## WHAT YOU WILL DO
Type out the lines below exactly, from the first through the line holding "[libraries it declares])", and include no pictures.

Start of EXCERPTED DATA

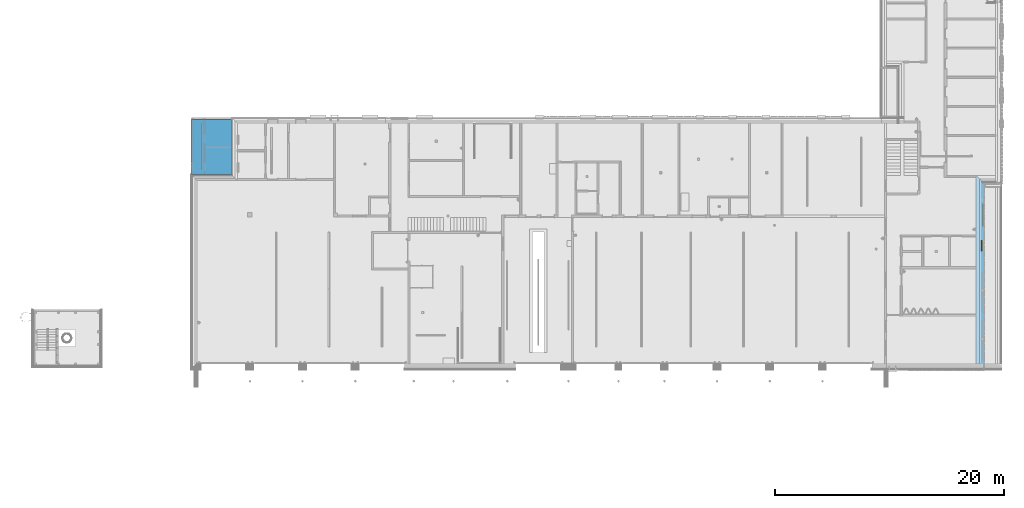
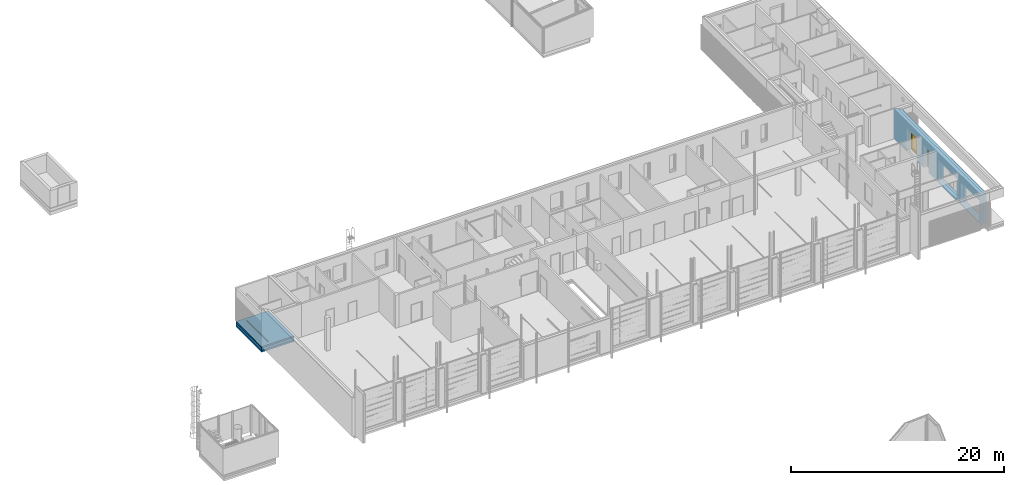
# One storey, part 54 of 112: 3 building element parts, 2 doors, 4 openings, 2 elements without a shape of their own, plus 4 elements that do not belong to this part.
"""IFC2X3 building model written with IfcOpenShell, lengths in millimetres."""

import ifcopenshell
import ifcopenshell.guid

model = None  # the IFC model being written
_history = None  # IfcOwnerHistory: only IFC2X3 demands one
_inside = {}  # id of a spatial element -> (the spatial element, [elements in it])
_under = {}  # id of a project, library or spatial element -> (it, [spatial elements below it])
_declared = {}  # id of a project -> (the project, [libraries it declares])
_typed = {}  # id of a type object -> (the type object, [elements of that type])
_made_of = {}  # id of a material, layer set ... -> (it, [elements and type objects made of it])


def new_model(schema):
    """Start an empty IFC model of exactly this schema.

    Asked for "IFC4X3", IfcOpenShell would pick the latest addendum, in which some entities
    have other attributes; the version numbers below select the first issue.
    IFC2X3 requires an IfcOwnerHistory on every rooted entity: one is made here for all.
    """
    global model, _history
    if schema == "IFC4X3":
        model = ifcopenshell.file(schema_version=(4, 3, 0, 0))
    else:
        model = ifcopenshell.file(schema=schema)
    _inside.clear()
    _under.clear()
    _declared.clear()
    _typed.clear()
    _made_of.clear()
    _history = None
    if model.schema == "IFC2X3":
        org = make("IfcOrganization", Name="unknown")
        user = make(
            "IfcPersonAndOrganization",
            ThePerson=make("IfcPerson", FamilyName="unknown"),
            TheOrganization=org,
        )
        app = make(
            "IfcApplication",
            ApplicationDeveloper=org,
            Version="unknown",
            ApplicationFullName="unknown",
            ApplicationIdentifier="unknown",
        )
        _history = make(
            "IfcOwnerHistory",
            OwningUser=user,
            OwningApplication=app,
            ChangeAction="ADDED",
            CreationDate=0,
        )
    return model


def make(cls, **values):
    """One entity of the class cls with the attributes given. An attribute that is None is left unset."""
    return model.create_entity(
        cls, **{name: value for name, value in values.items() if value is not None}
    )


def entity(cls, *values):
    """Any entity or typed value of the class cls, its attributes in the order of the schema. None: left unset."""
    e = model.create_entity(cls)
    for i, value in enumerate(values):
        if value is not None:
            e[i] = value
    return e


def rooted(cls, **values):
    """An entity with a GlobalId (a new one), such as an element, a storey or a relation."""
    return make(cls, GlobalId=ifcopenshell.guid.new(), OwnerHistory=_history, **values)


def si_unit(unit_type, name, prefix=None):
    """IfcSIUnit, for example si_unit("LENGTHUNIT", "METRE", prefix="MILLI")."""
    return make("IfcSIUnit", UnitType=unit_type, Prefix=prefix, Name=name)


def converted_unit(unit_type, name, factor, base, dimensions=None, offset=None):
    """IfcConversionBasedUnit, such as the inch: factor (a typed value) times the base unit."""
    return make(
        "IfcConversionBasedUnit"
        if offset is None
        else "IfcConversionBasedUnitWithOffset",
        ConversionOffset=offset,
        Dimensions=None
        if dimensions is None
        else entity("IfcDimensionalExponents", *dimensions),
        UnitType=unit_type,
        Name=name,
        ConversionFactor=make(
            "IfcMeasureWithUnit", ValueComponent=factor, UnitComponent=base
        ),
    )


def derived_unit(unit_type, elements):
    """IfcDerivedUnit: a product of units, each with its exponent."""
    return make(
        "IfcDerivedUnit",
        Elements=[
            make("IfcDerivedUnitElement", Unit=unit, Exponent=power)
            for unit, power in elements
        ],
        UnitType=unit_type,
    )


def money_unit(currency):
    """IfcMonetaryUnit."""
    return make("IfcMonetaryUnit", Currency=currency)


def assignment(units):
    """IfcUnitAssignment: the units of a project."""
    return None if units is None else make("IfcUnitAssignment", Units=units)


def point(xyz):
    """IfcCartesianPoint."""
    return None if xyz is None else make("IfcCartesianPoint", Coordinates=xyz)


def direction(xyz):
    """IfcDirection."""
    return None if xyz is None else make("IfcDirection", DirectionRatios=xyz)


def frame(location, z_axis=None, x_axis=None):
    """IfcAxis2Placement3D, a coordinate frame: its origin and axes. An axis left out is left unset."""
    return make(
        "IfcAxis2Placement3D",
        Location=point(location),
        Axis=direction(z_axis),
        RefDirection=direction(x_axis),
    )


def frame_2d(location, x_axis=None):
    """IfcAxis2Placement2D, a coordinate frame in the plane: its origin and x axis."""
    return make(
        "IfcAxis2Placement2D", Location=point(location), RefDirection=direction(x_axis)
    )


def origin_with_axes():
    """The frame at (0, 0, 0) with the z axis (0, 0, 1) and the x axis (1, 0, 0) written out."""
    return frame((0.0, 0.0, 0.0), z_axis=(0.0, 0.0, 1.0), x_axis=(1.0, 0.0, 0.0))


def origin_2d_with_axis():
    """The frame at (0, 0) in the plane with the x axis (1, 0) written out."""
    return frame_2d((0.0, 0.0), x_axis=(1.0, 0.0))


def place(relative_to, where):
    """IfcLocalPlacement: puts the frame where relative to a parent placement (None: the world)."""
    return make(
        "IfcLocalPlacement", PlacementRelTo=relative_to, RelativePlacement=where
    )


def context(
    kind, dimensions, precision=None, world=None, true_north=None, identifier=None
):
    """IfcGeometricRepresentationContext, for example the 3D "Model" context."""
    return make(
        "IfcGeometricRepresentationContext",
        ContextIdentifier=identifier,
        ContextType=kind,
        CoordinateSpaceDimension=dimensions,
        Precision=precision,
        WorldCoordinateSystem=world,
        TrueNorth=true_north,
    )


def subcontext(parent, identifier, kind, view, scale=None):
    """IfcGeometricRepresentationSubContext, for example "Body" below "Model"."""
    return make(
        "IfcGeometricRepresentationSubContext",
        ContextIdentifier=identifier,
        ContextType=kind,
        ParentContext=parent,
        TargetScale=scale,
        TargetView=view,
    )


def project(units=None, contexts=None):
    """IfcProject with its units and contexts."""
    return rooted(
        "IfcProject",
        Name="project",
        RepresentationContexts=contexts,
        UnitsInContext=assignment(units),
    )


def spatial(cls, under=None, at=None, **own):
    """A site, building, storey or space (cls), placed at a placement, below another one or the project."""
    s = rooted(cls, ObjectPlacement=at, **own)
    if under is not None:
        _under.setdefault(under.id(), (under, []))[1].append(s)
    return s


def polyline(points):
    """IfcPolyline through the points."""
    return make("IfcPolyline", Points=[point(p) for p in points])


def profile(cls, at=None, kind="AREA", **sizes):
    """A parametric profile (cls). Its sizes go by their IFC names, for example OverallWidth=200.0."""
    return make(cls, ProfileType=kind, Position=at, **sizes)


def rectangle(**sizes):
    """IfcRectangleProfileDef."""
    return profile("IfcRectangleProfileDef", **sizes)


def outline(outer, holes=None, kind="AREA"):
    """IfcArbitraryClosedProfileDef: a profile drawn as a closed curve; with holes, ...WithVoids."""
    if holes is None:
        return make("IfcArbitraryClosedProfileDef", ProfileType=kind, OuterCurve=outer)
    return make(
        "IfcArbitraryProfileDefWithVoids",
        ProfileType=kind,
        OuterCurve=outer,
        InnerCurves=holes,
    )


def extrude(swept, where, along, depth):
    """IfcExtrudedAreaSolid: the profile swept, set in the frame where, extruded along a direction by depth."""
    return make(
        "IfcExtrudedAreaSolid",
        SweptArea=swept,
        Position=where,
        ExtrudedDirection=direction(along),
        Depth=depth,
    )


def boolean(op, a, b):
    """IfcBooleanResult of two solids."""
    return make("IfcBooleanResult", Operator=op, FirstOperand=a, SecondOperand=b)


def faces_of(points, faces, orient=None, outer=None):
    """IfcFace entities. A face is a list of loops; a loop is a list of indices into points, from 0.

    orient and outer hold one flag for each loop. By default every Orientation is true, the
    first loop of a face is its IfcFaceOuterBound and the others are IfcFaceBound.
    """
    made = []
    for i, loops in enumerate(faces):
        bounds = []
        for j, loop in enumerate(loops):
            is_outer = j == 0 if outer is None else outer[i][j]
            bounds.append(
                make(
                    "IfcFaceOuterBound" if is_outer else "IfcFaceBound",
                    Bound=make("IfcPolyLoop", Polygon=[points[k] for k in loop]),
                    Orientation=True if orient is None else orient[i][j],
                )
            )
        made.append(make("IfcFace", Bounds=bounds))
    return made


def open_shell(faces, orient=None, outer=None):
    """The faces of one IfcOpenShell. surface_model builds it on its shared points."""
    return ("IfcOpenShell", faces, orient, outer)


def faceted_brep(points, faces, orient=None, outer=None, voids=None):
    """IfcFacetedBrep: a solid bounded by flat faces; with voids (closed shells), ...WithVoids."""
    shared = [point(p) for p in points]
    hull = make("IfcClosedShell", CfsFaces=faces_of(shared, faces, orient, outer))
    if voids is None:
        return make("IfcFacetedBrep", Outer=hull)
    return make(
        "IfcFacetedBrepWithVoids",
        Outer=hull,
        Voids=[
            make(cls, CfsFaces=faces_of(shared, fs, o, b)) for cls, fs, o, b in voids
        ],
    )


def surface_model(cls, points, shells):
    """IfcFaceBasedSurfaceModel or IfcShellBasedSurfaceModel (cls): surfaces that need not close."""
    shared = [point(p) for p in points]
    made = [make(c, CfsFaces=faces_of(shared, fs, o, b)) for c, fs, o, b in shells]
    if cls == "IfcFaceBasedSurfaceModel":
        return make(cls, FbsmFaces=made)
    return make(cls, SbsmBoundary=made)


def shape(context_of_items, identifier, shape_type, items):
    """IfcShapeRepresentation: the items that make up one representation, for example the "Body"."""
    return make(
        "IfcShapeRepresentation",
        ContextOfItems=context_of_items,
        RepresentationIdentifier=identifier,
        RepresentationType=shape_type,
        Items=items,
    )


def material(Name=None, Category=None):
    """IfcMaterial."""
    return make("IfcMaterial", Name=Name, Category=Category)


def made_of(thing, what):
    """Note that an element or type object is made of a material, layer set ...; save() writes the relation."""
    if what is not None:
        _made_of.setdefault(what.id(), (what, []))[1].append(thing)
    return thing


def type_object(cls, material=None, **own):
    """A type object (cls), such as IfcWallType, which elements share."""
    return made_of(rooted(cls, **own), material)


def element(
    cls,
    number,
    at=None,
    inside=None,
    cuts=None,
    type_object=None,
    material=None,
    context=None,
    identifier="Body",
    shape_type=None,
    held_by="IfcProductDefinitionShape",
    body=None,
    shapes=None,
    **own,
):
    """One element of the class cls, such as IfcWall. Its Tag is "e" and its number.

    at: its placement. inside: the storey or other place that contains it. cuts: it is an
    opening in that element (IfcRelVoidsElement). A single representation is given by context,
    identifier, shape_type and body (its items); several are given by shapes. held_by: the class
    of the entity that holds the representations. save() writes the other relations.
    """
    e = rooted(cls, Tag="e%d" % number, ObjectPlacement=at, **own)
    if body is not None:
        shapes = [shape(context, identifier, shape_type, body)]
    if shapes is not None:
        e.Representation = make(held_by, Representations=shapes)
    if inside is not None:
        _inside.setdefault(inside.id(), (inside, []))[1].append(e)
    if cuts is not None:
        rooted(
            "IfcRelVoidsElement", RelatingBuildingElement=cuts, RelatedOpeningElement=e
        )
    if type_object is not None:
        _typed.setdefault(type_object.id(), (type_object, []))[1].append(e)
    return made_of(e, material)


def fill(opening, filler):
    """IfcRelFillsElement: the door or window that sits in an opening."""
    return rooted(
        "IfcRelFillsElement",
        RelatingOpeningElement=opening,
        RelatedBuildingElement=filler,
    )


def aggregate(whole, parts):
    """IfcRelAggregates: a whole, such as a stair, and the parts it consists of."""
    return rooted("IfcRelAggregates", RelatingObject=whole, RelatedObjects=parts)


def save(model, path):
    """Write the relations noted so far, then the file.

    IfcRelAggregates (storeys below a building ...), IfcRelContainedInSpatialStructure (elements
    in a storey), IfcRelDefinesByType, IfcRelAssociatesMaterial and IfcRelDeclares: one each for
    every whole, place, type object, material and project.
    """
    for whole, parts in _under.values():
        aggregate(whole, parts)
    for where, things in _inside.values():
        rooted(
            "IfcRelContainedInSpatialStructure",
            RelatedElements=things,
            RelatingStructure=where,
        )
    for kind, things in _typed.values():
        rooted("IfcRelDefinesByType", RelatedObjects=things, RelatingType=kind)
    for what, things in _made_of.values():
        rooted("IfcRelAssociatesMaterial", RelatedObjects=things, RelatingMaterial=what)
    for by, libraries in _declared.values():
        rooted("IfcRelDeclares", RelatingContext=by, RelatedDefinitions=libraries)
    model.write(path)


model = new_model("IFC2X3")

# Units and contexts
model_context = context("Model", 3, precision=0.01, world=origin_with_axes(), true_north=direction((0.0, 1.0)))
body_context = subcontext(model_context, "Body", "Model", "MODEL_VIEW")
ifc_project = project(units=[si_unit("LENGTHUNIT", "METRE", prefix="MILLI"), si_unit("AREAUNIT", "SQUARE_METRE"), si_unit("VOLUMEUNIT", "CUBIC_METRE"), converted_unit("PLANEANGLEUNIT", "DEGREE", entity("IfcPlaneAngleMeasure", 0.0174532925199), si_unit("PLANEANGLEUNIT", "RADIAN"), dimensions=[0, 0, 0, 0, 0, 0, 0]), si_unit("SOLIDANGLEUNIT", "STERADIAN"), money_unit("EUR"), converted_unit("TIMEUNIT", "Year", entity("IfcTimeMeasure", 31556926.0), si_unit("TIMEUNIT", "SECOND"), dimensions=[0, 0, 1, 0, 0, 0, 0]), si_unit("MASSUNIT", "GRAM", prefix="KILO"), si_unit("THERMODYNAMICTEMPERATUREUNIT", "DEGREE_CELSIUS"), si_unit("LUMINOUSINTENSITYUNIT", "LUMEN"), si_unit("ENERGYUNIT", "JOULE", prefix="MEGA"), derived_unit("THERMALCONDUCTANCEUNIT", [(si_unit("POWERUNIT", "WATT"), 1), (si_unit("LENGTHUNIT", "METRE"), -1), (si_unit("THERMODYNAMICTEMPERATUREUNIT", "KELVIN"), -1)]), derived_unit("SPECIFICHEATCAPACITYUNIT", [(si_unit("ENERGYUNIT", "JOULE"), 1), (si_unit("MASSUNIT", "GRAM", prefix="KILO"), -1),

End of EXCERPTED DATA

## COMPLETED EXERCISE
# One storey, part 54 of 112: 3 building element parts, 2 doors, 4 openings, 2 elements without a shape of their own, plus 4 elements that do not belong to this part.
"""IFC2X3 building model written with IfcOpenShell, lengths in millimetres."""

import ifcopenshell
import ifcopenshell.guid

model = None  # the IFC model being written
_history = None  # IfcOwnerHistory: only IFC2X3 demands one
_inside = {}  # id of a spatial element -> (the spatial element, [elements in it])
_under = {}  # id of a project, library or spatial element -> (it, [spatial elements below it])
_declared = {}  # id of a project -> (the project, [libraries it declares])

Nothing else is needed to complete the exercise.